Illinois's Powerful Government Union Bosses a 'Major Stumbling Block' on State's 'Path to Reform'
Last Friday, Standard & Poor announced its latest downgrading of forced-unionism Illinois’s fiscal status. The Prairie State now has an S&P credit level of A-, putting it in a tie with Big Labor-controlled California for 49th in the country. But Illinois’s negative outlook gives it the lowest overall S&P rating in the country. The Moody’s bond-rating agency also ranks Illinois 50th among the states.
In an editorial today, Investor’s Business Daily charges that Illinois politicians’ unwillingness to stand up to Big Labor is a key reason why their state has become “America’s Greece”:
While neighbors like Wisconsin, Indiana and Michigan have either challenged the unions on pension reform or embraced right-to-work to encourage the economic growth to fund them, Illinois remains in thrall to big labor.

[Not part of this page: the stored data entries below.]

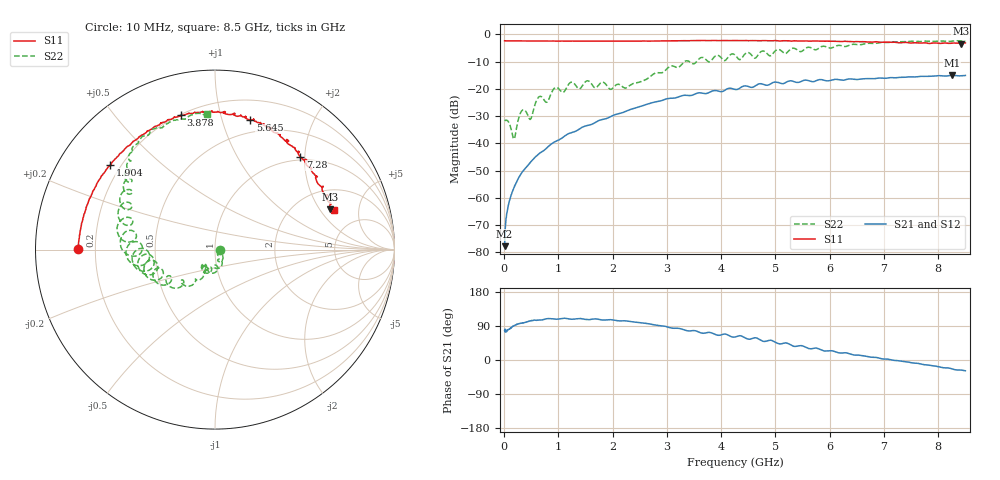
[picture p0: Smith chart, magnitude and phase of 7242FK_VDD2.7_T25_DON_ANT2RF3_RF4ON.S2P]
!Agilent Technologies,E5071C,MY46417908,A.11.23
!Date: Wed Dec 09 15:40:03 2020
!Data & Calibration Information:
!Freq	S11:SOLT2(ON)	S21:SOLT2(ON)	S12:SOLT2(ON)	S22:SOLT2(ON)
!PortZ  Port1:50+j0  Port2:50+j0
!Above PortZ is port z conversion or system Z0 setting when saving the data.
!When reading, reference impedance value at option line is always used.
# Hz S dB R 50
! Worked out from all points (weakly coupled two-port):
!   1601 points, 10 MHz to 8.5 GHz, reference 50 ohm
!   highest |S21| = -15.01 dB at 8.251 GHz (marker M1); lowest = -77.8 dB at 10 MHz (marker M2)
!   lowest |S11| = -3.4 dB at 8.415 GHz (marker M3), VSWR 5.20, Z = 150 + j124 ohm
!   |S11| at or under -10 dB: nowhere
!   |S22| runs from -38.4 to -2.3 dB; largest |S21 - S12| = 0.0023
!   S11 on the Smith chart (normalised r, x): 10 MHz: 0.13, +0.00; 1.904 GHz: 0.16, +0.35; 3.878 GHz: 0.20, +0.76; 5.645 GHz: 0.38, +1.24; 7.28 GHz: 0.94, +1.91; 8.5 GHz: 3.16, +2.71
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1e7  -2.33 179.7  -77.77 78.0  -77.18 85.3  -31.69 -2.7
7.898125e7  -2.37 178.2  -62.74 80.6  -62.82 79.1  -32.07 -32.7
1.851062e8  -2.39 175.9  -56.19 90.7  -56.14 90.5  -38.41 -25.2
3.336812e8  -2.40 172.9  -50.55 97.2  -50.62 97.6  -27.92 -34.7
4.822562e8  -2.42 169.8  -47.04 103.3  -47.07 103.3  -31.18 -51.4
6.4675e8  -2.43 166.6  -43.80 105.2  -43.79 105.4  -22.86 -57.7
7.900188e8  -2.45 163.7  -41.63 109.1  -41.65 109.0  -24.91 -68.0
9.332875e8  -2.45 161.0  -39.47 107.8  -39.46 108.1  -19.66 -74.8
1.235744e9  -2.45 154.6  -36.09 107.6  -36.09 107.7  -17.57 -95.8
1.426769e9  -2.45 150.9  -34.25 109.2  -34.25 109.1  -19.33 -99.7
1.904331e9  -2.50 141.1  -30.76 106.0  -30.76 106.0  -19.10 -130.1
2.843538e9  -2.43 121.2  -24.58 91.0  -24.59 91.0  -14.07 -123.0
3.878256e9  -2.24 104.1  -20.62 68.3  -20.63 68.3  -8.18 -154.4
4.255e9  -2.26 97.8  -20.21 60.7  -20.21 60.6  -7.58 -174.3
4.971344e9  -2.29 85.7  -17.56 48.9  -17.56 48.7  -6.61 -175.6
5.645238e9  -2.52 74.7  -17.18 29.5  -17.12 29.6  -4.82 153.4
5.671769e9  -2.46 73.6  -17.34 29.9  -17.28 29.8  -5.08 151.7
7.088538e9  -2.88 51.6  -15.94 1.7  -16.00 1.6  -2.97 129.9
7.279562e9  -3.07 47.3  -15.80 -2.2  -15.80 -2.4  -2.70 126.7
8.250606e9  -3.22 22.4  -15.01 -23.3  -15.08 -23.3  -2.47 101.7
8.4151e9  -3.39 19.4  -15.20 -26.5  -15.27 -26.7  -2.42 95.0
8.5e9  -3.12 18.4  -15.08 -28.5  -15.16 -28.4  -2.41 93.3

A major stumbling block on the path to reform has been the state’s powerful public employee unions.
We Are One Illinois (WAOI), a group that represents more than 1 million state workers, has formed to fight any reforms, even while the state’s pension costs rise at a rate of $17 million per day.
The state will spend $5.9 billion on the pension system in fiscal year 2013, which ends in July 2013, and will spend nearly $7 billion in FY 2014.
The Standard & Poor’s report warns that further inaction could lead to downgrading Illinois to “BBB,” an “unusual” low rating for any state.
The agency noted a “lack of action on pension reform and upcoming budget challenges could result in further credit deterioration.”